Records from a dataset
----

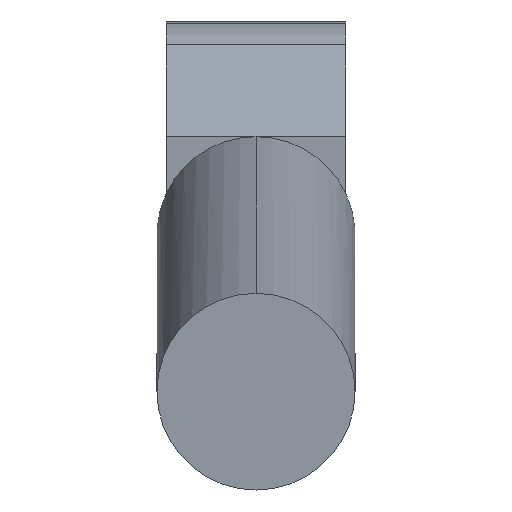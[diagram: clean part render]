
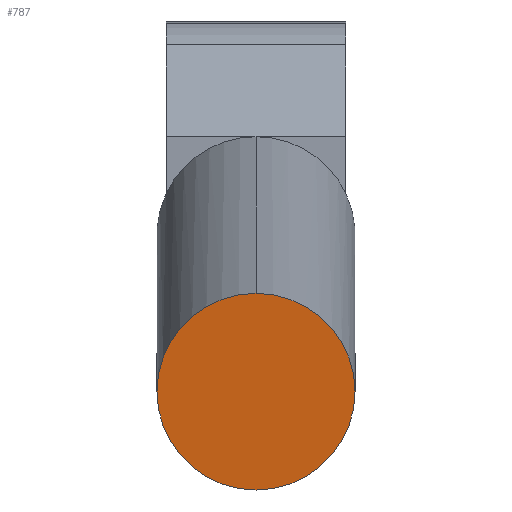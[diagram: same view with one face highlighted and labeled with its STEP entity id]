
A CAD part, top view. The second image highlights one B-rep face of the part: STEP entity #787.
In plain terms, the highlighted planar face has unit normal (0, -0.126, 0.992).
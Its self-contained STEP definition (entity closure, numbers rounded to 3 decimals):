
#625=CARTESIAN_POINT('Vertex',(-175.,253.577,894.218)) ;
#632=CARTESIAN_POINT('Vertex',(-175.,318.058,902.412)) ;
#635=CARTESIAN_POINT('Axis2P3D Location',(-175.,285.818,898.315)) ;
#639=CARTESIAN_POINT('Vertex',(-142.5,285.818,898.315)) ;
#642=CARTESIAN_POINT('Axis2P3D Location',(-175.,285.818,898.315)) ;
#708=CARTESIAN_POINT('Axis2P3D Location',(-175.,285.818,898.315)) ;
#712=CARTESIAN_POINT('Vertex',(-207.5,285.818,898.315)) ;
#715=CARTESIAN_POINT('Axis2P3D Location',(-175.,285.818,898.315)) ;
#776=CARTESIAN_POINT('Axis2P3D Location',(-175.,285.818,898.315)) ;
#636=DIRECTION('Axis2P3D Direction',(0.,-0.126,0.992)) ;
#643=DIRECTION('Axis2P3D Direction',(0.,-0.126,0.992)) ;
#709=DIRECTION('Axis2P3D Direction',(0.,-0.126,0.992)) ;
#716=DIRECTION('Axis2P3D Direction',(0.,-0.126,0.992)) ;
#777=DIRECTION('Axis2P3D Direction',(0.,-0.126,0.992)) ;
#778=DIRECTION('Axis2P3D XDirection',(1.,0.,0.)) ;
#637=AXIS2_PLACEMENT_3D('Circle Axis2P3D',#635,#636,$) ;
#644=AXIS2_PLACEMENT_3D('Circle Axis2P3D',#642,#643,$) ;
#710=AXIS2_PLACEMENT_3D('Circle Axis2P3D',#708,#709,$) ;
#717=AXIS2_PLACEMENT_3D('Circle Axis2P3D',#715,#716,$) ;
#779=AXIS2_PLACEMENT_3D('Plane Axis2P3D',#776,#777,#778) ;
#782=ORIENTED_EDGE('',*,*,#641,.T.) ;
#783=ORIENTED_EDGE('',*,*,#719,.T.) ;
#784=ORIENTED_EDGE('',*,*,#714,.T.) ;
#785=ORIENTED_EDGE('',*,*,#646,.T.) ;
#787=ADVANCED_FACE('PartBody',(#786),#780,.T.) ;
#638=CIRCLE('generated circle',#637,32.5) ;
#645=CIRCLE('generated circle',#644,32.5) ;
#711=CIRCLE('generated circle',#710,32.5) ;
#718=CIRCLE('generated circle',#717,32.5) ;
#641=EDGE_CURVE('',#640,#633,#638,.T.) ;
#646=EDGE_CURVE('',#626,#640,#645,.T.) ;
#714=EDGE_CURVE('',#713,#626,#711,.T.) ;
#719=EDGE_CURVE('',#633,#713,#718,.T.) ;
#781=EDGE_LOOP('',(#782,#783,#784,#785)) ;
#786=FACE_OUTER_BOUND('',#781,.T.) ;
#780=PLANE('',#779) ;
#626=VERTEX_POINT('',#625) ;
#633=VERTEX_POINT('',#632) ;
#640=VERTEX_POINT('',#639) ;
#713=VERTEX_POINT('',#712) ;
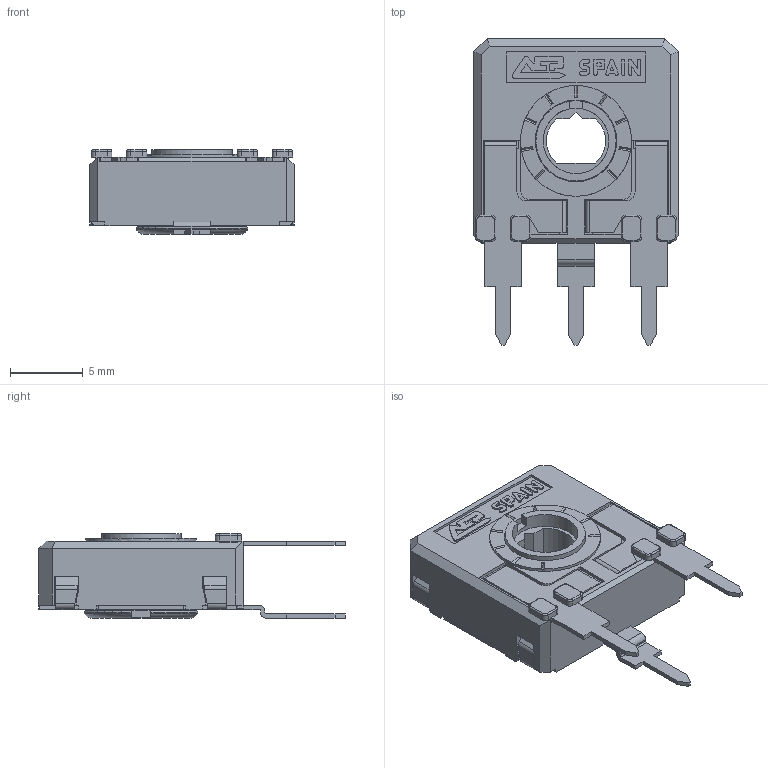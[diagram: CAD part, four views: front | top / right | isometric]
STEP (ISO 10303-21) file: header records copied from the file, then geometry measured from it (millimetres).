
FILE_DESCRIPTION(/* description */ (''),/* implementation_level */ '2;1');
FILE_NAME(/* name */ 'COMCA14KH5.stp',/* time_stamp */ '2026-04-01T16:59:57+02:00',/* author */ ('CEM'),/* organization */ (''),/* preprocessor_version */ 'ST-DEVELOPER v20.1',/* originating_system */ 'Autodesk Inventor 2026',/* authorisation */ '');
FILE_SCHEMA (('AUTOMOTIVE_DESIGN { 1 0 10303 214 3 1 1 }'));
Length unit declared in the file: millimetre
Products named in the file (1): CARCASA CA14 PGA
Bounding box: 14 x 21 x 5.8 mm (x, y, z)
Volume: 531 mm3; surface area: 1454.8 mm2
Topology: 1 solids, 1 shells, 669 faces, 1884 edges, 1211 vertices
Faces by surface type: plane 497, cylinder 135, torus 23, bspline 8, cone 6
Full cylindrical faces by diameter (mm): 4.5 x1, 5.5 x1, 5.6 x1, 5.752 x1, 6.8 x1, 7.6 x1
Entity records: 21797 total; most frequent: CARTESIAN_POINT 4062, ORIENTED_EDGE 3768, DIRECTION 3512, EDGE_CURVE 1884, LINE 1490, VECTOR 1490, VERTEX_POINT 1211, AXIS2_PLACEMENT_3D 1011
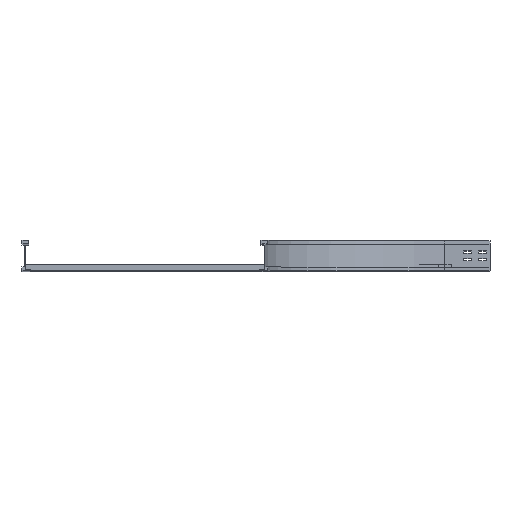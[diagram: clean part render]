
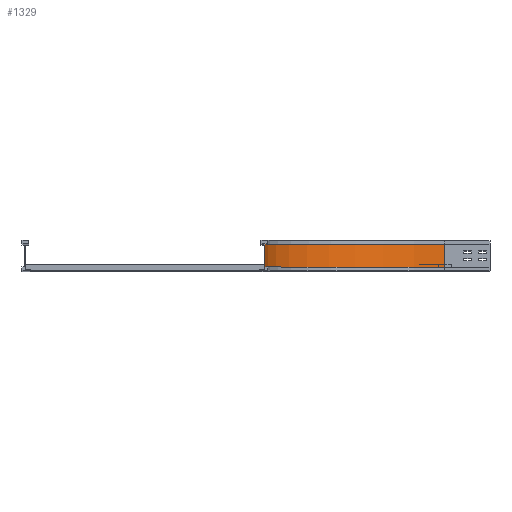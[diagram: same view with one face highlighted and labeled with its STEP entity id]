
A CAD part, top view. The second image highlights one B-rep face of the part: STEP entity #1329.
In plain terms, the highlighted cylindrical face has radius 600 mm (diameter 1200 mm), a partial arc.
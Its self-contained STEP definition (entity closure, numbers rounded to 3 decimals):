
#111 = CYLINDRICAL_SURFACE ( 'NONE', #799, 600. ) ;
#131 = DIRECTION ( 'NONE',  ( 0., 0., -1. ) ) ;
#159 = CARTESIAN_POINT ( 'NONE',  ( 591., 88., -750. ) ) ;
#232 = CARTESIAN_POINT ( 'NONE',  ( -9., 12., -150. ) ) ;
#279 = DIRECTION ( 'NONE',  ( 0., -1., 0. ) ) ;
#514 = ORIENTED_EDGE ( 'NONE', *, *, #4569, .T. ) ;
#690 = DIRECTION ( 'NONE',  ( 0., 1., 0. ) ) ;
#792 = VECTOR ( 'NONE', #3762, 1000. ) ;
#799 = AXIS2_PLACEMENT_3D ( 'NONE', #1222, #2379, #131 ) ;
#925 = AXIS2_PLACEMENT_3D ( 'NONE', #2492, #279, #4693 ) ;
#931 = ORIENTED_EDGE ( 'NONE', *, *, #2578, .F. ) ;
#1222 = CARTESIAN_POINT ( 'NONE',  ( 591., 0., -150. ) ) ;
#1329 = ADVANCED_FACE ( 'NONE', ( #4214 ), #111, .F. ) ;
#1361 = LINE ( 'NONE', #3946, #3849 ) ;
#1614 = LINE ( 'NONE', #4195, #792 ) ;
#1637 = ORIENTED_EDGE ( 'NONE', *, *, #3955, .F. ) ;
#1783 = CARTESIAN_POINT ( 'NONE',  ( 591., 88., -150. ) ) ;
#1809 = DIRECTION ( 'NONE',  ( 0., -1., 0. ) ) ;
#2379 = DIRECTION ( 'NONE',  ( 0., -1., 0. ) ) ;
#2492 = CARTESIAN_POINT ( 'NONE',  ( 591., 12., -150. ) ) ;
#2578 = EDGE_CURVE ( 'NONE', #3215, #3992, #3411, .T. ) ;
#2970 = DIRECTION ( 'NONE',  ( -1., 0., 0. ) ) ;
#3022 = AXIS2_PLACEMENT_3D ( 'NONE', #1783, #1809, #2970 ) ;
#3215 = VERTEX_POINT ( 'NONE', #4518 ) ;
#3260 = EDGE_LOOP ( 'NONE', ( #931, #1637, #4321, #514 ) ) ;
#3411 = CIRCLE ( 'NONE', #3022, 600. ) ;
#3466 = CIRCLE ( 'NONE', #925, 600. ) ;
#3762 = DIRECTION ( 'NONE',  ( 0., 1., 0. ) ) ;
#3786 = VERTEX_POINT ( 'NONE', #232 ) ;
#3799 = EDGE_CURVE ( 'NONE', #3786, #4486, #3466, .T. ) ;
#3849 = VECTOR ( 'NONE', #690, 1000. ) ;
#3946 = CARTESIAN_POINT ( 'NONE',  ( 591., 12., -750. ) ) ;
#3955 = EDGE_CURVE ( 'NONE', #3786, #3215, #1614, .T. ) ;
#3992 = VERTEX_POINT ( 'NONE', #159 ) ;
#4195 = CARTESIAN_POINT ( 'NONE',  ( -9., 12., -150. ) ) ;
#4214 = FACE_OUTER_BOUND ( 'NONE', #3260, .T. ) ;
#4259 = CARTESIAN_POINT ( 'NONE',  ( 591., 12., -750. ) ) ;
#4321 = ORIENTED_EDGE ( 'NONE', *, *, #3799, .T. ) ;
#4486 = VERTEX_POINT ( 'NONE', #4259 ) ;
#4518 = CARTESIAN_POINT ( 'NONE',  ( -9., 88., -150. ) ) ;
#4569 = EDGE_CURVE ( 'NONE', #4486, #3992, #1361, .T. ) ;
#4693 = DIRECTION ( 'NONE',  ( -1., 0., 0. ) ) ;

----

Exercise objective: Take every line from the records above that has the word "image" and copy it.

Answer below:
A CAD part, top view. The second image highlights one B-rep face of the part: STEP entity #787.
A CAD part, top view. The second image highlights one B-rep face of the part: STEP entity #1329.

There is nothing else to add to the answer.